Print, in exact form, the lines below from the one containing "#15980=VERTEX_POINT('',#15978);" through the one containing "#16188=CARTESIAN_POINT('',(-2.368,0.,2.8));", and omit all others.

=======

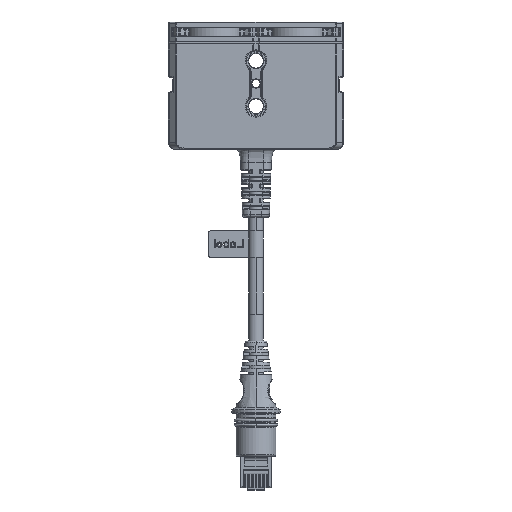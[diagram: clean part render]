
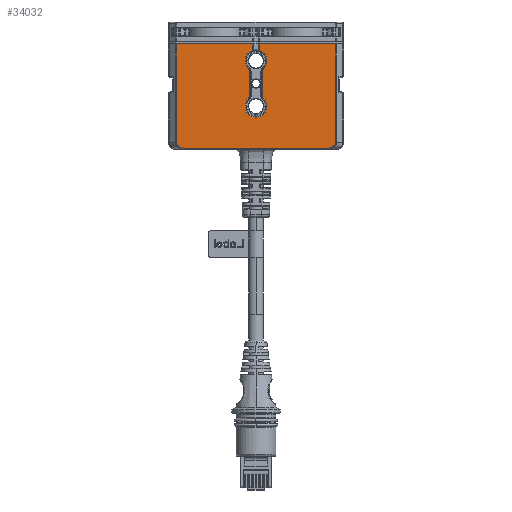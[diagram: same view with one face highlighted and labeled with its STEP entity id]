
A CAD part, front view. The second image highlights one B-rep face of the part: STEP entity #34032.
In plain terms, the highlighted planar face has unit normal (0, -1, 0).
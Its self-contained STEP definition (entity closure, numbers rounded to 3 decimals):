
#9762=DIRECTION('',(-1.,0.,0.));
#9763=VECTOR('',#9762,28.503);
#9764=CARTESIAN_POINT('',(29.734,0.,13.301));
#9765=LINE('',#9764,#9763);
#9766=DIRECTION('',(0.,0.,-1.));
#9767=VECTOR('',#9766,36.8);
#9768=CARTESIAN_POINT('',(29.734,0.,13.301));
#9769=LINE('',#9768,#9767);
#9770=CARTESIAN_POINT('',(29.734,0.,-23.499));
#9771=CARTESIAN_POINT('',(29.734,0.,-23.596));
#9772=CARTESIAN_POINT('',(29.716,0.,-23.79));
#9773=CARTESIAN_POINT('',(29.626,0.,-24.088));
#9774=CARTESIAN_POINT('',(29.468,0.,-24.388));
#9775=CARTESIAN_POINT('',(29.237,0.,-24.678));
#9776=CARTESIAN_POINT('',(28.949,0.,-24.933));
#9777=CARTESIAN_POINT('',(28.641,0.,-25.135));
#9778=CARTESIAN_POINT('',(28.336,0.,-25.287));
#9779=CARTESIAN_POINT('',(28.046,0.,-25.398));
#9780=CARTESIAN_POINT('',(27.772,0.,-25.478));
#9781=CARTESIAN_POINT('',(27.521,0.,-25.532));
#9782=CARTESIAN_POINT('',(27.288,0.,-25.568));
#9783=CARTESIAN_POINT('',(27.046,0.,-25.592));
#9784=CARTESIAN_POINT('',(26.861,0.,-25.599));
#9785=CARTESIAN_POINT('',(26.765,0.,-25.599));
#9787=DIRECTION('',(-1.,0.,0.));
#9788=VECTOR('',#9787,53.529);
#9789=CARTESIAN_POINT('',(26.765,0.,-25.599));
#9790=LINE('',#9789,#9788);
#9791=CARTESIAN_POINT('',(-26.765,0.,-25.599));
#9792=CARTESIAN_POINT('',(-26.839,0.,-25.599));
#9793=CARTESIAN_POINT('',(-26.995,0.,-25.595));
#9794=CARTESIAN_POINT('',(-27.242,0.,-25.574));
#9795=CARTESIAN_POINT('',(-27.522,0.,-25.533));
#9796=CARTESIAN_POINT('',(-27.827,0.,-25.465));
#9797=CARTESIAN_POINT('',(-28.161,0.,-25.359));
#9798=CARTESIAN_POINT('',(-28.519,0.,-25.203));
#9799=CARTESIAN_POINT('',(-28.874,0.,-24.99));
#9800=CARTESIAN_POINT('',(-29.189,0.,-24.727));
#9801=CARTESIAN_POINT('',(-29.43,0.,-24.444));
#9802=CARTESIAN_POINT('',(-29.606,0.,-24.139));
#9803=CARTESIAN_POINT('',(-29.713,0.,-23.814));
#9804=CARTESIAN_POINT('',(-29.734,0.,-23.604));
#9805=CARTESIAN_POINT('',(-29.734,0.,-23.499));
#9807=DIRECTION('',(0.,0.,1.));
#9808=VECTOR('',#9807,36.8);
#9809=CARTESIAN_POINT('',(-29.734,0.,-23.499));
#9810=LINE('',#9809,#9808);
#9811=DIRECTION('',(-1.,0.,0.));
#9812=VECTOR('',#9811,28.503);
#9813=CARTESIAN_POINT('',(-1.231,0.,13.301));
#9814=LINE('',#9813,#9812);
#9815=DIRECTION('',(0.,0.,1.));
#9816=VECTOR('',#9815,2.37);
#9817=CARTESIAN_POINT('',(-1.231,0.,
10.931));
#9818=LINE('',#9817,#9816);
#9819=CARTESIAN_POINT('',(0.,0.,7.001));
#9820=DIRECTION('',(0.,1.,0.));
#9821=DIRECTION('',(-0.704,0.,-0.71));
#9822=AXIS2_PLACEMENT_3D('',#9819,#9820,#9821);
#9824=CARTESIAN_POINT('',(-2.368,0.,2.8));
#9825=CARTESIAN_POINT('',(-2.368,0.,2.918));
#9826=CARTESIAN_POINT('',(-2.391,0.,3.151));
#9827=CARTESIAN_POINT('',(-2.496,0.,3.496));
#9828=CARTESIAN_POINT('',(-2.667,0.,3.814));
#9829=CARTESIAN_POINT('',(-2.817,0.,3.994));
#9830=CARTESIAN_POINT('',(-2.901,0.,4.077));
#9832=DIRECTION('',(0.,0.,1.));
#9833=VECTOR('',#9832,8.597);
#9834=CARTESIAN_POINT('',(-2.368,0.,-5.798));
#9835=LINE('',#9834,#9833);
#9836=CARTESIAN_POINT('',(-2.901,0.,-7.075));
#9837=CARTESIAN_POINT('',(-2.819,0.,-6.994));
#9838=CARTESIAN_POINT('',(-2.672,0.,-6.818));
#9839=CARTESIAN_POINT('',(-2.498,0.,-6.501));
#9840=CARTESIAN_POINT('',(-2.392,0.,-6.152));
#9841=CARTESIAN_POINT('',(-2.368,0.,-5.917));
#9842=CARTESIAN_POINT('',(-2.368,0.,-5.798));
#9844=CARTESIAN_POINT('',(0.,0.,-9.999));
#9845=DIRECTION('',(0.,1.,0.));
#9846=DIRECTION('',(0.704,0.,0.71));
#9847=AXIS2_PLACEMENT_3D('',#9844,#9845,#9846);
#9849=CARTESIAN_POINT('',(2.368,0.,-5.798));
#9850=CARTESIAN_POINT('',(2.368,0.,-5.916));
#9851=CARTESIAN_POINT('',(2.391,0.,-6.149));
#9852=CARTESIAN_POINT('',(2.496,0.,-6.494));
#9853=CARTESIAN_POINT('',(2.667,0.,-6.811));
#9854=CARTESIAN_POINT('',(2.817,0.,-6.992));
#9855=CARTESIAN_POINT('',(2.901,0.,-7.075));
#9857=DIRECTION('',(0.,0.,-1.));
#9858=VECTOR('',#9857,8.597);
#9859=CARTESIAN_POINT('',(2.368,0.,2.8));
#9860=LINE('',#9859,#9858);
#9861=CARTESIAN_POINT('',(2.901,0.,4.077));
#9862=CARTESIAN_POINT('',(2.819,0.,3.996));
#9863=CARTESIAN_POINT('',(2.672,0.,3.821));
#9864=CARTESIAN_POINT('',(2.498,0.,3.503));
#9865=CARTESIAN_POINT('',(2.392,0.,3.154));
#9866=CARTESIAN_POINT('',(2.368,0.,2.919));
#9867=CARTESIAN_POINT('',(2.368,0.,2.8));
#9869=CARTESIAN_POINT('',(0.,0.,7.001));
#9870=DIRECTION('',(0.,1.,0.));
#9871=DIRECTION('',(0.299,0.,0.954));
#9872=AXIS2_PLACEMENT_3D('',#9869,#9870,#9871);
#9874=DIRECTION('',(0.,0.,-1.));
#9875=VECTOR('',#9874,2.37);
#9876=CARTESIAN_POINT('',(1.231,0.,13.301));
#9877=LINE('',#9876,#9875);
#15949=CARTESIAN_POINT('',(29.734,0.,13.301));
#15950=CARTESIAN_POINT('',(1.231,0.,13.301));
#15951=VERTEX_POINT('',#15949);
#15952=VERTEX_POINT('',#15950);
#15957=CARTESIAN_POINT('',(-29.734,0.,13.301));
#15959=VERTEX_POINT('',#15957);
#15973=CARTESIAN_POINT('',(-29.734,0.,-23.499));
#15974=VERTEX_POINT('',#15973);
#15977=CARTESIAN_POINT('',(26.765,0.,-25.599));
#15978=CARTESIAN_POINT('',(-26.765,0.,-25.599));
#15979=VERTEX_POINT('',#15977);
#15980=VERTEX_POINT('',#15978);
#16090=VERTEX_POINT('',#9770);
#16145=CARTESIAN_POINT('',(2.9,0.,
-7.075));
#16146=CARTESIAN_POINT('',(-2.901,0.,
-7.075));
#16147=VERTEX_POINT('',#16145);
#16148=VERTEX_POINT('',#16146);
#16149=CARTESIAN_POINT('',(1.231,0.,
10.931));
#16150=CARTESIAN_POINT('',(2.901,0.,
4.077));
#16151=VERTEX_POINT('',#16149);
#16152=VERTEX_POINT('',#16150);
#16162=CARTESIAN_POINT('',(2.368,0.,2.8));
#16163=CARTESIAN_POINT('',(2.368,0.,-5.798));
#16164=VERTEX_POINT('',#16162);
#16165=VERTEX_POINT('',#16163);
#16187=CARTESIAN_POINT('',(-2.368,0.,-5.798));
#16188=CARTESIAN_POINT('',(-2.368,0.,2.8));
#16189=VERTEX_POINT('',#16187);
#16190=VERTEX_POINT('',#16188);
#16193=CARTESIAN_POINT('',(-2.901,0.,
4.077));
#16194=CARTESIAN_POINT('',(-1.231,0.,
10.931));
#16195=VERTEX_POINT('',#16193);
#16196=VERTEX_POINT('',#16194);
#16241=CARTESIAN_POINT('',(-1.231,0.,13.301));
#16242=VERTEX_POINT('',#16241);
#33990=CARTESIAN_POINT('',(0.,0.,-5.999));
#33991=DIRECTION('',(0.,1.,0.));
#33992=DIRECTION('',(1.,0.,0.));
#33993=AXIS2_PLACEMENT_3D('',#33990,#33991,#33992);
#33994=PLANE('',#33993);
#33996=ORIENTED_EDGE('',*,*,#33995,.F.);
#33998=ORIENTED_EDGE('',*,*,#33997,.T.);
#34000=ORIENTED_EDGE('',*,*,#33999,.T.);
#34001=ORIENTED_EDGE('',*,*,#33980,.T.);
#34003=ORIENTED_EDGE('',*,*,#34002,.T.);
#34005=ORIENTED_EDGE('',*,*,#34004,.T.);
#34007=ORIENTED_EDGE('',*,*,#34006,.F.);
#34009=ORIENTED_EDGE('',*,*,#34008,.F.);
#34011=ORIENTED_EDGE('',*,*,#34010,.F.);
#34013=ORIENTED_EDGE('',*,*,#34012,.F.);
#34015=ORIENTED_EDGE('',*,*,#34014,.F.);
#34017=ORIENTED_EDGE('',*,*,#34016,.F.);
#34019=ORIENTED_EDGE('',*,*,#34018,.F.);
#34021=ORIENTED_EDGE('',*,*,#34020,.F.);
#34023=ORIENTED_EDGE('',*,*,#34022,.F.);
#34025=ORIENTED_EDGE('',*,*,#34024,.F.);
#34027=ORIENTED_EDGE('',*,*,#34026,.F.);
#34029=ORIENTED_EDGE('',*,*,#34028,.F.);
#34030=EDGE_LOOP('',(#33996,#33998,#34000,#34001,#34003,#34005,#34007,#34009,
#34011,#34013,#34015,#34017,#34019,#34021,#34023,#34025,#34027,#34029));
#34031=FACE_OUTER_BOUND('',#34030,.F.);
#9786=B_SPLINE_CURVE_WITH_KNOTS('',3,(#9770,#9771,#9772,#9773,#9774,#9775,#9776,
#9777,#9778,#9779,#9780,#9781,#9782,#9783,#9784,#9785),.UNSPECIFIED.,.F.,.F.,(4,
1,1,1,1,1,1,1,1,1,1,1,1,4),(0.,0.077,0.154,
0.231,0.308,0.385,0.462,
0.538,0.615,0.692,0.769,
0.846,0.923,1.),.UNSPECIFIED.);
#9806=B_SPLINE_CURVE_WITH_KNOTS('',3,(#9791,#9792,#9793,#9794,#9795,#9796,#9797,
#9798,#9799,#9800,#9801,#9802,#9803,#9804,#9805),.UNSPECIFIED.,.F.,.F.,(4,1,1,1,
1,1,1,1,1,1,1,1,4),(0.,0.083,0.167,0.25,
0.333,0.417,0.5,0.583,0.667,
0.75,0.833,0.917,1.),.UNSPECIFIED.);
#9823=CIRCLE('',#9822,4.118);
#9831=B_SPLINE_CURVE_WITH_KNOTS('',3,(#9824,#9825,#9826,#9827,#9828,#9829,
#9830),.UNSPECIFIED.,.F.,.F.,(4,1,1,1,4),(0.,0.25,0.5,0.75,1.),
.UNSPECIFIED.);
#9843=B_SPLINE_CURVE_WITH_KNOTS('',3,(#9836,#9837,#9838,#9839,#9840,#9841,
#9842),.UNSPECIFIED.,.F.,.F.,(4,1,1,1,4),(0.,0.25,0.5,0.75,1.),
.UNSPECIFIED.);
#9848=CIRCLE('',#9847,4.118);
#9856=B_SPLINE_CURVE_WITH_KNOTS('',3,(#9849,#9850,#9851,#9852,#9853,#9854,
#9855),.UNSPECIFIED.,.F.,.F.,(4,1,1,1,4),(0.,0.25,0.5,0.75,1.),
.UNSPECIFIED.);
#9868=B_SPLINE_CURVE_WITH_KNOTS('',3,(#9861,#9862,#9863,#9864,#9865,#9866,
#9867),.UNSPECIFIED.,.F.,.F.,(4,1,1,1,4),(0.,0.25,0.5,0.75,1.),
.UNSPECIFIED.);
#9873=CIRCLE('',#9872,4.118);
#33980=EDGE_CURVE('',#15979,#15980,#9790,.T.);
#33995=EDGE_CURVE('',#15951,#15952,#9765,.T.);
#33997=EDGE_CURVE('',#15951,#16090,#9769,.T.);
#33999=EDGE_CURVE('',#16090,#15979,#9786,.T.);
#34002=EDGE_CURVE('',#15980,#15974,#9806,.T.);
#34004=EDGE_CURVE('',#15974,#15959,#9810,.T.);
#34006=EDGE_CURVE('',#16242,#15959,#9814,.T.);
#34008=EDGE_CURVE('',#16196,#16242,#9818,.T.);
#34010=EDGE_CURVE('',#16195,#16196,#9823,.T.);
#34012=EDGE_CURVE('',#16190,#16195,#9831,.T.);
#34014=EDGE_CURVE('',#16189,#16190,#9835,.T.);
#34016=EDGE_CURVE('',#16148,#16189,#9843,.T.);
#34018=EDGE_CURVE('',#16147,#16148,#9848,.T.);
#34020=EDGE_CURVE('',#16165,#16147,#9856,.T.);
#34022=EDGE_CURVE('',#16164,#16165,#9860,.T.);
#34024=EDGE_CURVE('',#16152,#16164,#9868,.T.);
#34026=EDGE_CURVE('',#16151,#16152,#9873,.T.);
#34028=EDGE_CURVE('',#15952,#16151,#9877,.T.);
#34032=ADVANCED_FACE('',(#34031),#33994,.F.);

=======

▶ [Answer to this task]:
#15980=VERTEX_POINT('',#15978);
#16090=VERTEX_POINT('',#9770);
#16145=CARTESIAN_POINT('',(2.9,0.,
-7.075));
#16146=CARTESIAN_POINT('',(-2.901,0.,
-7.075));
#16147=VERTEX_POINT('',#16145);
#16148=VERTEX_POINT('',#16146);
#16149=CARTESIAN_POINT('',(1.231,0.,
10.931));
#16150=CARTESIAN_POINT('',(2.901,0.,
4.077));
#16151=VERTEX_POINT('',#16149);
#16152=VERTEX_POINT('',#16150);
#16162=CARTESIAN_POINT('',(2.368,0.,2.8));
#16163=CARTESIAN_POINT('',(2.368,0.,-5.798));
#16164=VERTEX_POINT('',#16162);
#16165=VERTEX_POINT('',#16163);
#16187=CARTESIAN_POINT('',(-2.368,0.,-5.798));
#16188=CARTESIAN_POINT('',(-2.368,0.,2.8));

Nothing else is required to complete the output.